Night of the Zombies (1981) poster

Night of the Zombies (1981)

Rating:

aka The Chilling; Gamma 693; Night of the Wehrmacht Zombies


USA. 1981.

Crew

Director/Screenplay – Joel M. Reed, Producer – Lorin E. Price, Photography – Ron Dorfman, Music – Matt Kalpowitz, Maggie Nolin & Onomatopoeia Inc, Special Effects – Peter Kunz. Production Company – Prism Pictures.

Cast

Jamie Gillis (Nick Monroe), Ryan Hilliard (Dr Clarence Proud), Samantha Grey (Susan), Ron Dorfman (CIA Chief), Joel M. Reed (Schefield), Richard de Faut (Sergeant Orville Freedman), Juni Kulis (Officer Schuller)


Plot

CIA agent Nick Monroe is sent into the Bavarian mountains to find an expedition from the US War Graves Division that went missing while searching for evidence of a troop of American soldiers who vanished there at the end of World War II. He is accompanied by a chemical weapons expert who has been sent to locate canisters of Gamma 693, an experimental gas designed to heal the wounded, that the German soldiers were carrying. There they discover the horrible secret – that the soldiers are alive. However, due to taking the Gamma 693, they have been turned into zombies that are either dependent on more gas or having to devour human flesh to stay alive.
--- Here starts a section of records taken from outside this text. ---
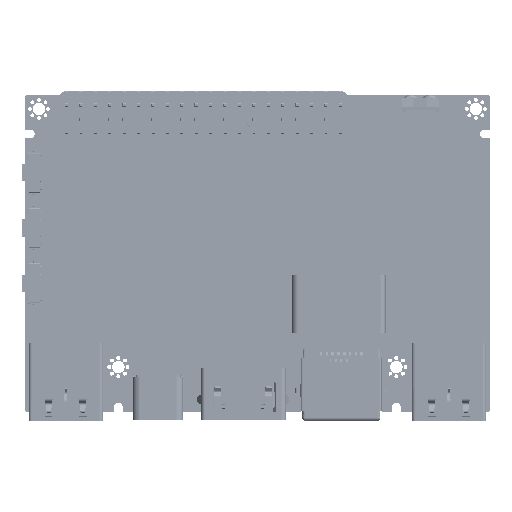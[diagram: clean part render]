
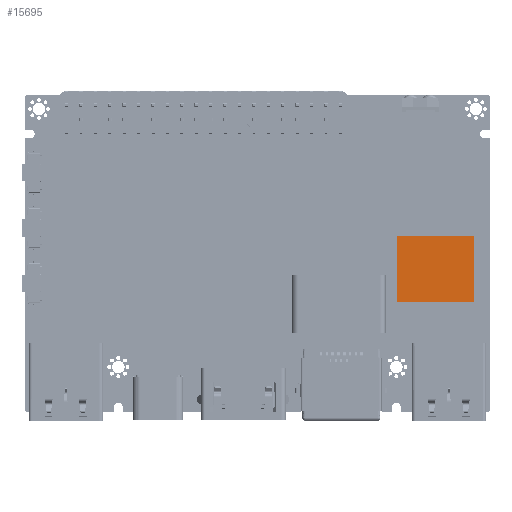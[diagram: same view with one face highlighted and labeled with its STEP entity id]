
A CAD part, top view. The second image highlights one B-rep face of the part: STEP entity #15695.
In plain terms, the highlighted planar face has unit normal (0, 0, 1) as drawn and (0, 1, 0) by its records, which use the part's own axes.
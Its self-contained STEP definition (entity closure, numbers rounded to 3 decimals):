
#1870 = CARTESIAN_POINT ( 'NONE',  ( 6.8, 1.8, -5.8 ) ) ;
#2112 = CARTESIAN_POINT ( 'NONE',  ( -6.8, 1.8, -5.8 ) ) ;
#6971 = LINE ( 'NONE', #266274, #227758 ) ;
#15695 = ADVANCED_FACE ( 'NONE', ( #275101 ), #63005, .T. ) ;
#18075 = CARTESIAN_POINT ( 'NONE',  ( -6.8, 1.8, 5.8 ) ) ;
#30056 = EDGE_LOOP ( 'NONE', ( #94971, #202634, #95054, #196621 ) ) ;
#33403 = CARTESIAN_POINT ( 'NONE',  ( 6.8, 1.8, -5.8 ) ) ;
#38102 = LINE ( 'NONE', #2112, #262484 ) ;
#55660 = CARTESIAN_POINT ( 'NONE',  ( -6.8, 1.8, -5.8 ) ) ;
#63005 = PLANE ( 'NONE',  #132858 ) ;
#78852 = EDGE_CURVE ( 'NONE', #187665, #141165, #159237, .T. ) ;
#87099 = DIRECTION ( 'NONE',  ( 0., 1., 0. ) ) ;
#88099 = DIRECTION ( 'NONE',  ( 0., 0., 1. ) ) ;
#94971 = ORIENTED_EDGE ( 'NONE', *, *, #154144, .T. ) ;
#95054 = ORIENTED_EDGE ( 'NONE', *, *, #127710, .T. ) ;
#101271 = DIRECTION ( 'NONE',  ( 0., 0., -1. ) ) ;
#102349 = VERTEX_POINT ( 'NONE', #55660 ) ;
#114240 = VECTOR ( 'NONE', #101271, 1000. ) ;
#116389 = LINE ( 'NONE', #176883, #307088 ) ;
#123101 = DIRECTION ( 'NONE',  ( 0., 0., 1. ) ) ;
#127710 = EDGE_CURVE ( 'NONE', #141165, #102349, #38102, .T. ) ;
#131940 = DIRECTION ( 'NONE',  ( 1., 0., 0. ) ) ;
#132858 = AXIS2_PLACEMENT_3D ( 'NONE', #302348, #87099, #88099 ) ;
#141165 = VERTEX_POINT ( 'NONE', #33403 ) ;
#154144 = EDGE_CURVE ( 'NONE', #200183, #187665, #116389, .T. ) ;
#159237 = LINE ( 'NONE', #1870, #114240 ) ;
#166374 = DIRECTION ( 'NONE',  ( -1., 0., 0. ) ) ;
#176883 = CARTESIAN_POINT ( 'NONE',  ( -6.8, 1.8, 5.8 ) ) ;
#187665 = VERTEX_POINT ( 'NONE', #207780 ) ;
#196621 = ORIENTED_EDGE ( 'NONE', *, *, #210288, .T. ) ;
#200183 = VERTEX_POINT ( 'NONE', #18075 ) ;
#202634 = ORIENTED_EDGE ( 'NONE', *, *, #78852, .T. ) ;
#207780 = CARTESIAN_POINT ( 'NONE',  ( 6.8, 1.8, 5.8 ) ) ;
#210288 = EDGE_CURVE ( 'NONE', #102349, #200183, #6971, .T. ) ;
#227758 = VECTOR ( 'NONE', #123101, 1000. ) ;
#262484 = VECTOR ( 'NONE', #166374, 1000. ) ;
#266274 = CARTESIAN_POINT ( 'NONE',  ( -6.8, 1.8, -5.8 ) ) ;
#275101 = FACE_OUTER_BOUND ( 'NONE', #30056, .T. ) ;
#302348 = CARTESIAN_POINT ( 'NONE',  ( 0., 1.8, 0. ) ) ;
#307088 = VECTOR ( 'NONE', #131940, 1000. ) ;

In the 1960s, Nazis were the stock in trade of low budget horror films like They Saved Hitler’s Brain (1964), The Frozen Dead (1966) and Flesh Feast (1970); in the 1970s, they became the villains in extreme sado-exploitation films like Ilsa, She-Wolf of the SS (1974) and more upmarket thrillers like Marathon Man (1976), The Boys from Brazil (1978) and The Formula (1980).

In the 1980s, Nazis made a comeback in zombie films. This period offered up Night of the Zombies, the quite decent Shock Waves (1977), as well as a couple of cheap European entries with Jesus Franco’s Oasis of the Zombies (1981) and Jean Rollin’s Zombies’ Lake (1981). A few years later, the Nazi zombie film was revived on substantially better budgets with Outpost (2007) and Dead Snow (2009), both of which have produced sequels, as well as War of the Dead (2011) and Bunker of the Dead (2015).

Director Joel M. Reed’s previous genre films had consisted of the horror anthology Blood Bath (1976) and the notoriously sadistic Blood Sucking Freaks (1976). Night of the Zombies is a very badly made film. When a film ends up having to use a porn star (Jamie Gillis) rather than even some has-been actor of the era like John Carradine as its name drawcard, you know that it is way, way down low in the budget stakes.

The lack of budget clearly shows up – the set for the CIA director’s office, for instance, appears to be a hotel ballroom – one can see chairs stacked up at the side of the office and the desk is simply a dining table with a cloth draped over it. The skeletons that the zombies are eventually reduced to are all anatomical skeletons borrowed from a med lab – one can see the mark where the skull is sliced open. Although the film apparently had enough of a budget to be able to afford to go on location in West Germany.

The first half of Night of the Zombies is a dull trail of spy work through the streets of Munich in a plot that is difficult to follow. Eventually the scenes with the zombies prove mildly worthwhile. There is an incongruous scene where the zombies sit down and start talking about their leave to Paris and joking about which side is meant to be killing who tonight. The revelation of who and what they are and who Proud is, plus the ambiguous ending that suggests Jamie Gillis may have become a zombie too, are reasonably well done. It is clearly an attempt to do something different with the zombie film and, as such, is an idea that almost transcends the thorough tawdriness of the material at hand.